§ Input data
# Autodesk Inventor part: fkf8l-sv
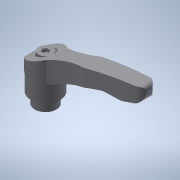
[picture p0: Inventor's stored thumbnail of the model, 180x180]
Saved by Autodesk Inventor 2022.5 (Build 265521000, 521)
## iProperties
Created: 2017-09
Part Number: fkf8l-sv
Material: 一般
Document SubType Name: Modeling
Designer: imaocorp
Density: 1 g/cm^3
Appearance: 既定
Author: imaocorp
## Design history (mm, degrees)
node "fkf8l-sv.x_t1"
node "fkf8l-sv"
node "Base1"

§ Task details
Only the text of the records belongs in your answer, copied exactly as it appears above.

§ Exercise output
# Autodesk Inventor part: fkf8l-sv
[picture p0: Inventor's stored thumbnail of the model, 180x180]
Saved by Autodesk Inventor 2022.5 (Build 265521000, 521)
## iProperties
Created: 2017-09
Part Number: fkf8l-sv
Material: 一般
Document SubType Name: Modeling
Designer: imaocorp
Density: 1 g/cm^3
Appearance: 既定
Author: imaocorp
## Design history (mm, degrees)
node "fkf8l-sv.x_t1"
node "fkf8l-sv"
node "Base1"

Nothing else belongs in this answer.